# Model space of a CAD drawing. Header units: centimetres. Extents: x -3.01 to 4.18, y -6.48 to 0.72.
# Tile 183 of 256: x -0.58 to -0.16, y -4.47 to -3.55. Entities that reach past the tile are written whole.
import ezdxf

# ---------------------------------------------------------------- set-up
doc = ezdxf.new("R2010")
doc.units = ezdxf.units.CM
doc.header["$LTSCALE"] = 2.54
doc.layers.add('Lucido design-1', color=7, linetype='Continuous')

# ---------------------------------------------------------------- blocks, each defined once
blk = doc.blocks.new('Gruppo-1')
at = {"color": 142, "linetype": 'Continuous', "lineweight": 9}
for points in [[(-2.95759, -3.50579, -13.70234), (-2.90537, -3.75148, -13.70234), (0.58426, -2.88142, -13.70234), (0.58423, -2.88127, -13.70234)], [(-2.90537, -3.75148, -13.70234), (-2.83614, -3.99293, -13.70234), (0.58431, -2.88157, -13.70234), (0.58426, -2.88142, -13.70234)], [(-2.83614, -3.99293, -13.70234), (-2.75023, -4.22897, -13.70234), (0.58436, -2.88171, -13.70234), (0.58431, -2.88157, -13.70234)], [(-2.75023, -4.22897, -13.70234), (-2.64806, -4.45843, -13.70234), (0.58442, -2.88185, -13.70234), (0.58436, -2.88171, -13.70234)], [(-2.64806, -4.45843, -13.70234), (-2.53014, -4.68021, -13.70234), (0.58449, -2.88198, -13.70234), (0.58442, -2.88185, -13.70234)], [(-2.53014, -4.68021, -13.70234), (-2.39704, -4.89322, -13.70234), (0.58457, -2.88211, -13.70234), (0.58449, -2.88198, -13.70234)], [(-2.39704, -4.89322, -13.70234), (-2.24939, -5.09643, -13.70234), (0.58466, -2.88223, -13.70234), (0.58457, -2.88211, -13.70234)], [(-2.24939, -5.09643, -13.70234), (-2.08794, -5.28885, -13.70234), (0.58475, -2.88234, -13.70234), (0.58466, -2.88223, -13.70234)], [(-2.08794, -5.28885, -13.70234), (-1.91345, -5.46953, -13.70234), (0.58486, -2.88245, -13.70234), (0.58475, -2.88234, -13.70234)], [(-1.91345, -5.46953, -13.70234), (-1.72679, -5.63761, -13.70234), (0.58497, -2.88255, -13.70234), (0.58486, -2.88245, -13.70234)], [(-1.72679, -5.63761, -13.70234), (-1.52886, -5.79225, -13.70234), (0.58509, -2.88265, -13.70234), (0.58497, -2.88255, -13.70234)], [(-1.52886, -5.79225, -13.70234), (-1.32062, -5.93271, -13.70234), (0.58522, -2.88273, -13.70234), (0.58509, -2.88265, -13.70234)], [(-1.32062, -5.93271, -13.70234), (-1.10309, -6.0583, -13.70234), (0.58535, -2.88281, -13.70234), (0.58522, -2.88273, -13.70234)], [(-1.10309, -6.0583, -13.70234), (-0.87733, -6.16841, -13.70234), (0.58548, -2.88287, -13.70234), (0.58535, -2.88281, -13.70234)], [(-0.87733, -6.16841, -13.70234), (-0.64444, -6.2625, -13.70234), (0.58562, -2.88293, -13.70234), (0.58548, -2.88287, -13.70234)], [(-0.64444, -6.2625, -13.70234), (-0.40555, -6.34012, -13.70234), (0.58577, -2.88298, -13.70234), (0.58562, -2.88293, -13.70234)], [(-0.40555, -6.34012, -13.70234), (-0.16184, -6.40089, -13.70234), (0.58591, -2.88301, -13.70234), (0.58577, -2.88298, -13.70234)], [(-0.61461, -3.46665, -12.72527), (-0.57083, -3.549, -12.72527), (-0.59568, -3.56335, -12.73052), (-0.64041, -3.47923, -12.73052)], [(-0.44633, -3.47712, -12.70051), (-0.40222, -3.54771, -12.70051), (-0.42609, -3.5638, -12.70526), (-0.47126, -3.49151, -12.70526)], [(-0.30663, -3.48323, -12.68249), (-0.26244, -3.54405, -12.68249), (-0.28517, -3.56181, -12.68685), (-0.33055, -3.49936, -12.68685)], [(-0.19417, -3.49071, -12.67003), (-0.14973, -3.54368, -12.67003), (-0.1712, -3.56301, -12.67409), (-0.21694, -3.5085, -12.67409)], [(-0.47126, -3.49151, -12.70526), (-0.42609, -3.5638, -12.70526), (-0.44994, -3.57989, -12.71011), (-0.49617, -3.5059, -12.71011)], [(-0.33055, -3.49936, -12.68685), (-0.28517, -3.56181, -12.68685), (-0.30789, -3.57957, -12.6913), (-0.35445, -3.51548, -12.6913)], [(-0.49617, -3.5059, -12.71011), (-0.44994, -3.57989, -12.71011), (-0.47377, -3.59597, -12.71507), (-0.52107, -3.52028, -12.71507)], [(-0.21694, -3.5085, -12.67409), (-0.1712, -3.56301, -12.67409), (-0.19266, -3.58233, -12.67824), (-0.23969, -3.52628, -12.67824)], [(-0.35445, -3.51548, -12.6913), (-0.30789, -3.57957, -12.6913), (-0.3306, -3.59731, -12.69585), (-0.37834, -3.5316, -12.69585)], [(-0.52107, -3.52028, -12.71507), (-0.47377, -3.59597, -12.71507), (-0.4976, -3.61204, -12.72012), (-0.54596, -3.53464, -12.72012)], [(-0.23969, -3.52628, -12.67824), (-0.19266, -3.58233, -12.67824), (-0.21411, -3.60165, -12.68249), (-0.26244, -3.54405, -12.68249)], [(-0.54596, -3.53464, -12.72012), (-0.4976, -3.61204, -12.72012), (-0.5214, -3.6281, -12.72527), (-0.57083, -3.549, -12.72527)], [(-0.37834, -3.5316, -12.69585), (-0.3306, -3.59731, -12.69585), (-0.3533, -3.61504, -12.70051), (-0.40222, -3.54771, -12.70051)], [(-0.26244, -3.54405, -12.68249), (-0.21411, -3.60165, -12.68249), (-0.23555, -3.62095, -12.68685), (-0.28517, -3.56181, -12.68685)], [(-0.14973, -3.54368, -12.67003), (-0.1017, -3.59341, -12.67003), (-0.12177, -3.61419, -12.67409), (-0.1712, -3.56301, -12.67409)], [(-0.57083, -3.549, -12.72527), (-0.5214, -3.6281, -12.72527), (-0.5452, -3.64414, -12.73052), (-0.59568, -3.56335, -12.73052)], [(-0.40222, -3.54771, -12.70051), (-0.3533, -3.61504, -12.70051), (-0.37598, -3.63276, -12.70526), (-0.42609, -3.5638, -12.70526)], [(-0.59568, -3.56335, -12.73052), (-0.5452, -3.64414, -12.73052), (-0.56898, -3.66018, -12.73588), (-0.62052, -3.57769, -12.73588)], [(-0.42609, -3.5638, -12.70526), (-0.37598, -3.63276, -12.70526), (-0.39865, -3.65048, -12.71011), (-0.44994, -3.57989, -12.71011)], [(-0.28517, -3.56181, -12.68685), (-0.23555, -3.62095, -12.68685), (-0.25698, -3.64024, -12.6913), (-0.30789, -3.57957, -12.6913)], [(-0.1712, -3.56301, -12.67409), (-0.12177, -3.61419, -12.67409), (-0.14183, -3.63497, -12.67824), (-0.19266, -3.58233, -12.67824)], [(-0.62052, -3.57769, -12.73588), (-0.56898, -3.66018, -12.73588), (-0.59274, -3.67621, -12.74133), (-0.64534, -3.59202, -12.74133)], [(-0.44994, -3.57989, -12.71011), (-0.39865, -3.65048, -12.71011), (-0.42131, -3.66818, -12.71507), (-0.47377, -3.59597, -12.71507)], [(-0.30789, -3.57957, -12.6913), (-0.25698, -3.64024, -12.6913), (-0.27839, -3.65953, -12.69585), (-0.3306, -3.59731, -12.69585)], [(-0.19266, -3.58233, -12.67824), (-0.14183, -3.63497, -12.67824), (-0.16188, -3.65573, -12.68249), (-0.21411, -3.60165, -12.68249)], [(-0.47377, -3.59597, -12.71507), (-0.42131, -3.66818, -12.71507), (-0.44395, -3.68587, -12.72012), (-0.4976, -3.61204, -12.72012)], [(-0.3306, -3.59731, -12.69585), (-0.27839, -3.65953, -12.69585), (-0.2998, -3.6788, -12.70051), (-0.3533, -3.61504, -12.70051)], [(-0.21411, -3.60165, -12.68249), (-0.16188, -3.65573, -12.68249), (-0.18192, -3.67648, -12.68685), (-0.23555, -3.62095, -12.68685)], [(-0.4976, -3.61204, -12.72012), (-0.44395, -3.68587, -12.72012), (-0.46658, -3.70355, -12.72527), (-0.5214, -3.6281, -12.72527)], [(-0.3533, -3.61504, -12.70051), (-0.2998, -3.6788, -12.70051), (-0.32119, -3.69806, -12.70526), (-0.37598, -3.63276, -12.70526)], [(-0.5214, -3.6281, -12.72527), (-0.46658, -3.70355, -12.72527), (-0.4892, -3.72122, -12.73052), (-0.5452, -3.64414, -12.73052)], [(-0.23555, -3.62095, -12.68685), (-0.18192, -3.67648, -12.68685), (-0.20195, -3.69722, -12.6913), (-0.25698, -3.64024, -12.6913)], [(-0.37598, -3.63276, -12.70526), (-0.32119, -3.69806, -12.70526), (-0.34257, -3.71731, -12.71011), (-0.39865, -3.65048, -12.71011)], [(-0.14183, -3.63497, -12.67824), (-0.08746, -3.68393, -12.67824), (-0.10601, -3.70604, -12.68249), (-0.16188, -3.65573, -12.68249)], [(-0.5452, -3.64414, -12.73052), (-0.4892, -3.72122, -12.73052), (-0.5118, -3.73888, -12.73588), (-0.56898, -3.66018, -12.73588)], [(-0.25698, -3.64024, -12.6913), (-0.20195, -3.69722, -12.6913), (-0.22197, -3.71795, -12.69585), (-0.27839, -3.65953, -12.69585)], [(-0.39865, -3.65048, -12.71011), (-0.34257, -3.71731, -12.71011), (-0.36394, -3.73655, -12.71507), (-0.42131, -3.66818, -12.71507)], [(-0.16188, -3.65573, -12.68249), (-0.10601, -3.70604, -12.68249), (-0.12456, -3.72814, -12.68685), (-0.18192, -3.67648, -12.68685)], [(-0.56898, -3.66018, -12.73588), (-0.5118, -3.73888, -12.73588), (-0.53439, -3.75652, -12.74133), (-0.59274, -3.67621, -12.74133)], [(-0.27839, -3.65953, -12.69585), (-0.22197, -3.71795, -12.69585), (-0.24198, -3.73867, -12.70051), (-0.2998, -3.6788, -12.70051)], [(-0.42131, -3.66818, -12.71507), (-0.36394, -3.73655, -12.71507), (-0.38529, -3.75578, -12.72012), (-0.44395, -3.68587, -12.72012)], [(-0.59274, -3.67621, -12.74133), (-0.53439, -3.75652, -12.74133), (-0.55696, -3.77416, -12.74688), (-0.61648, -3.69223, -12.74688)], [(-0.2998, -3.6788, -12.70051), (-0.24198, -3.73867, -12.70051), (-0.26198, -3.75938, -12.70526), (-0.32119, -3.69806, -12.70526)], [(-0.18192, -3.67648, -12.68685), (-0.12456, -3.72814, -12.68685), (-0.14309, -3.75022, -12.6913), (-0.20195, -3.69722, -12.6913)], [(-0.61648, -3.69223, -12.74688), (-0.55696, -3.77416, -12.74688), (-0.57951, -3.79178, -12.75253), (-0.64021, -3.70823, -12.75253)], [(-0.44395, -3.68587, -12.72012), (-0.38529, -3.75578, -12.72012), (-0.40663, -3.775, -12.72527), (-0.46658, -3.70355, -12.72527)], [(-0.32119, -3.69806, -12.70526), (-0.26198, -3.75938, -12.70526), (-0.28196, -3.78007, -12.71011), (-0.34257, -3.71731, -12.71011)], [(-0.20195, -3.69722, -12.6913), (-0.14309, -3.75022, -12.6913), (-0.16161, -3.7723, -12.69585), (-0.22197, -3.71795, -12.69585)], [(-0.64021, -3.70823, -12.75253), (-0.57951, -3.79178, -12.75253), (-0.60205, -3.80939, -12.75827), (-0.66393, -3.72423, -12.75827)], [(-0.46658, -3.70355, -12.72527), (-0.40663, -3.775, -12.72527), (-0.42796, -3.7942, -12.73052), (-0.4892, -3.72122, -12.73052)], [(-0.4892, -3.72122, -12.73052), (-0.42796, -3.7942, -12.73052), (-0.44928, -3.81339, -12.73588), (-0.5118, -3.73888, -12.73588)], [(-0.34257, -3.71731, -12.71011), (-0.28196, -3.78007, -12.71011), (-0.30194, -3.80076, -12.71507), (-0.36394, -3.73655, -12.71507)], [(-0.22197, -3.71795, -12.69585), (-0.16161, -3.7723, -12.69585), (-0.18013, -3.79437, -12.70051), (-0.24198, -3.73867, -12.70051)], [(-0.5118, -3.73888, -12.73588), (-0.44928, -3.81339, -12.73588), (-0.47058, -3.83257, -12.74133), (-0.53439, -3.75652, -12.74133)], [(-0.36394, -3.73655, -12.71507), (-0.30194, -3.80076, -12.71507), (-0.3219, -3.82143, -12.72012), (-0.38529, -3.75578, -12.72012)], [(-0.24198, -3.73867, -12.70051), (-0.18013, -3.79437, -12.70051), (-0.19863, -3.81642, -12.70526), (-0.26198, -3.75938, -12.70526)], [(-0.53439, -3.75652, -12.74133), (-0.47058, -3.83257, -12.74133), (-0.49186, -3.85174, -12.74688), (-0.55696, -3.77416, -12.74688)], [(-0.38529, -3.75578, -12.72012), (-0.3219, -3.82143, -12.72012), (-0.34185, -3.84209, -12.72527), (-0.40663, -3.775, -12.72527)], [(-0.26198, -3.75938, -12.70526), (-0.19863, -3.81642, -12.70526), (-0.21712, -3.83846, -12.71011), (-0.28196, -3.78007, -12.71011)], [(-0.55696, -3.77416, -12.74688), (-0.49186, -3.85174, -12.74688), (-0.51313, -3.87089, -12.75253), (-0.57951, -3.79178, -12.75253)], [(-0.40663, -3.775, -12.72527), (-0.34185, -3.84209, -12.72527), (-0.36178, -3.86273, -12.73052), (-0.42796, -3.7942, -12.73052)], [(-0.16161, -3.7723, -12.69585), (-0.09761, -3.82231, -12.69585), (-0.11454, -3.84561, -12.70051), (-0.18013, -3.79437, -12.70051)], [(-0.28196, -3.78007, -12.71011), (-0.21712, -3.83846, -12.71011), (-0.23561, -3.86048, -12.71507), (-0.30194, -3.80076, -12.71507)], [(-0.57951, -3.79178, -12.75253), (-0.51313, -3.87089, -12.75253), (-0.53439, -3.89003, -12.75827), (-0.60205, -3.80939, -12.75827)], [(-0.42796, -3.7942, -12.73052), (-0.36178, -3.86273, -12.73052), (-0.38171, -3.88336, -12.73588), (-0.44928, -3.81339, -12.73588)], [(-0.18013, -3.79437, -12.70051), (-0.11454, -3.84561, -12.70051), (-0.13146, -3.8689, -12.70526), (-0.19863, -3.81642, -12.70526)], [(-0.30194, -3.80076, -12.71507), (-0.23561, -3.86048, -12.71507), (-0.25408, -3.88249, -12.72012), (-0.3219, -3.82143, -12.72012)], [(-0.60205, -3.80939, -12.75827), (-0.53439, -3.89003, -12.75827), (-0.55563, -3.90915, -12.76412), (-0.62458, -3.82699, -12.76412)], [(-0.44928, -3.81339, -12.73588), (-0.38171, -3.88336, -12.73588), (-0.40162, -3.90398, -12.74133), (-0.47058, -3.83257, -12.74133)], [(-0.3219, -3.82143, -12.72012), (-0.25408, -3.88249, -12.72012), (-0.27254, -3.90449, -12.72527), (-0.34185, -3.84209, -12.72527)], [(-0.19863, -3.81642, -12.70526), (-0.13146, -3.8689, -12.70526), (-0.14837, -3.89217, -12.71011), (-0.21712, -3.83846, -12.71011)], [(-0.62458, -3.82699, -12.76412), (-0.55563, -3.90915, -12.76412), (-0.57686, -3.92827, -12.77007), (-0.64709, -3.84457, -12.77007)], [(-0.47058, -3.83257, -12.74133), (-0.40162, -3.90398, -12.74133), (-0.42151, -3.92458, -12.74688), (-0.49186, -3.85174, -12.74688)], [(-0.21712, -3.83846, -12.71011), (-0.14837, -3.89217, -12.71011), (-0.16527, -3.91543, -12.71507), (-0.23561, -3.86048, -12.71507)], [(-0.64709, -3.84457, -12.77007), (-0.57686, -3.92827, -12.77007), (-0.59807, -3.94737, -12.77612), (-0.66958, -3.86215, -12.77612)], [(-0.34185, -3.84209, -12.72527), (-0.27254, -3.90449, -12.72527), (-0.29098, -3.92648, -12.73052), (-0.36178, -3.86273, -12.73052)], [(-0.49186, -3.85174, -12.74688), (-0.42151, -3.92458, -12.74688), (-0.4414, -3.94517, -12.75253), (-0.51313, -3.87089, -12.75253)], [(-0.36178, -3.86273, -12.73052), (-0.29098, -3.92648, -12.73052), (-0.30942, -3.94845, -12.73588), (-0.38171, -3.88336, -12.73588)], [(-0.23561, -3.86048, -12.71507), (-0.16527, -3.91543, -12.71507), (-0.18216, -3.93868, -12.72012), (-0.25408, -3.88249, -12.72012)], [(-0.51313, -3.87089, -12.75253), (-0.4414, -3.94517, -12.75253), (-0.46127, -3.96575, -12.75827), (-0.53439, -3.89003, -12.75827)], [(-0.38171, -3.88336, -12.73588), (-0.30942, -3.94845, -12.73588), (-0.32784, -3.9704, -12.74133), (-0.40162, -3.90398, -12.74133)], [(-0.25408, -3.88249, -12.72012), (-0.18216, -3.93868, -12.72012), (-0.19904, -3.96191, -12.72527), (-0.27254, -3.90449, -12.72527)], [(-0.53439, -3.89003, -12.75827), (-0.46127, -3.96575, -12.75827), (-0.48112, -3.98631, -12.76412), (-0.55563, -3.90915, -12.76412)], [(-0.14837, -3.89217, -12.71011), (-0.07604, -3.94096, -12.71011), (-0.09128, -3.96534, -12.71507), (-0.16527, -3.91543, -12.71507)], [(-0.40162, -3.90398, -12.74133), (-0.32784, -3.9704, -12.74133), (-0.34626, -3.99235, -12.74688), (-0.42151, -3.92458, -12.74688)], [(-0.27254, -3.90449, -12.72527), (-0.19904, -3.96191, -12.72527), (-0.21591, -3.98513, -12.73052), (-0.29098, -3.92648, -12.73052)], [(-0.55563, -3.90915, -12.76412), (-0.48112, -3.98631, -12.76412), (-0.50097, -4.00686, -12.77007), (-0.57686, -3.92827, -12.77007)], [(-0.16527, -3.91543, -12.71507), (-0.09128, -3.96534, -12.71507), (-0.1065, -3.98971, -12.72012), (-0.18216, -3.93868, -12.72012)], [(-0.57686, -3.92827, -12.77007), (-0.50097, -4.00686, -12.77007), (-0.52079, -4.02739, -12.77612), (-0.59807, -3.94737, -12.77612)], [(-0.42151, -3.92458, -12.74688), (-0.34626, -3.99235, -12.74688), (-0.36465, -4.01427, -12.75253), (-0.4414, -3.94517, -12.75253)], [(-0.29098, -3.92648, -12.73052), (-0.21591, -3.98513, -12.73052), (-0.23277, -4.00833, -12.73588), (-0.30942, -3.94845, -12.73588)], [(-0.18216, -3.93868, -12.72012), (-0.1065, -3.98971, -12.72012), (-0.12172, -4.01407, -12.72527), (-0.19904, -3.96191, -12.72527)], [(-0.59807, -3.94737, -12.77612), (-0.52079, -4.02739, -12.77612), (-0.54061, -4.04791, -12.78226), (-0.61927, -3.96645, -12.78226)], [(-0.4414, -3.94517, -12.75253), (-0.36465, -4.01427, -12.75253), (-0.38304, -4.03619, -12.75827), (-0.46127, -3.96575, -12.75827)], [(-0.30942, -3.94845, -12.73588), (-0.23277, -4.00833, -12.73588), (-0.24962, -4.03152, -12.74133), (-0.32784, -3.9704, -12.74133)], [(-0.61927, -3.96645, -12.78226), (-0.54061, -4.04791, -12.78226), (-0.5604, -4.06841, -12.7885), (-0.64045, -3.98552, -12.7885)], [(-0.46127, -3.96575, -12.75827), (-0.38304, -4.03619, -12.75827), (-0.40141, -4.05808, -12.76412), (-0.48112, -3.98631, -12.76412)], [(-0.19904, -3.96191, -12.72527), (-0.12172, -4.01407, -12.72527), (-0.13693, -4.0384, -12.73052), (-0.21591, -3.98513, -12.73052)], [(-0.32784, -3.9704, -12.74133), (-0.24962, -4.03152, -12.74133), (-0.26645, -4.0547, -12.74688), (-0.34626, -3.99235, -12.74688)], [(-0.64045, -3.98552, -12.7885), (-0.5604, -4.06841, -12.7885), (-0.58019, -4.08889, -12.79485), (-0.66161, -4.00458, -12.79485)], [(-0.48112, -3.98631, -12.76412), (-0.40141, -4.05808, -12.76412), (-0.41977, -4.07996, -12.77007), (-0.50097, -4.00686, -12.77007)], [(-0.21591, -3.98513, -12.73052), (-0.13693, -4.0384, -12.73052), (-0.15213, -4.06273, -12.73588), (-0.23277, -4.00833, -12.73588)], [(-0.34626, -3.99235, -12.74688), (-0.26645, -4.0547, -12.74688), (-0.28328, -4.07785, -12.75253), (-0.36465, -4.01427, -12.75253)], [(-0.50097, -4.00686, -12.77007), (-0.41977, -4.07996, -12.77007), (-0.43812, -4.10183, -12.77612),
************
Scan the material above for the word "ezdxf", and copy each line where it appears.

import ezdxf
doc = ezdxf.new("R2010")
doc.units = ezdxf.units.CM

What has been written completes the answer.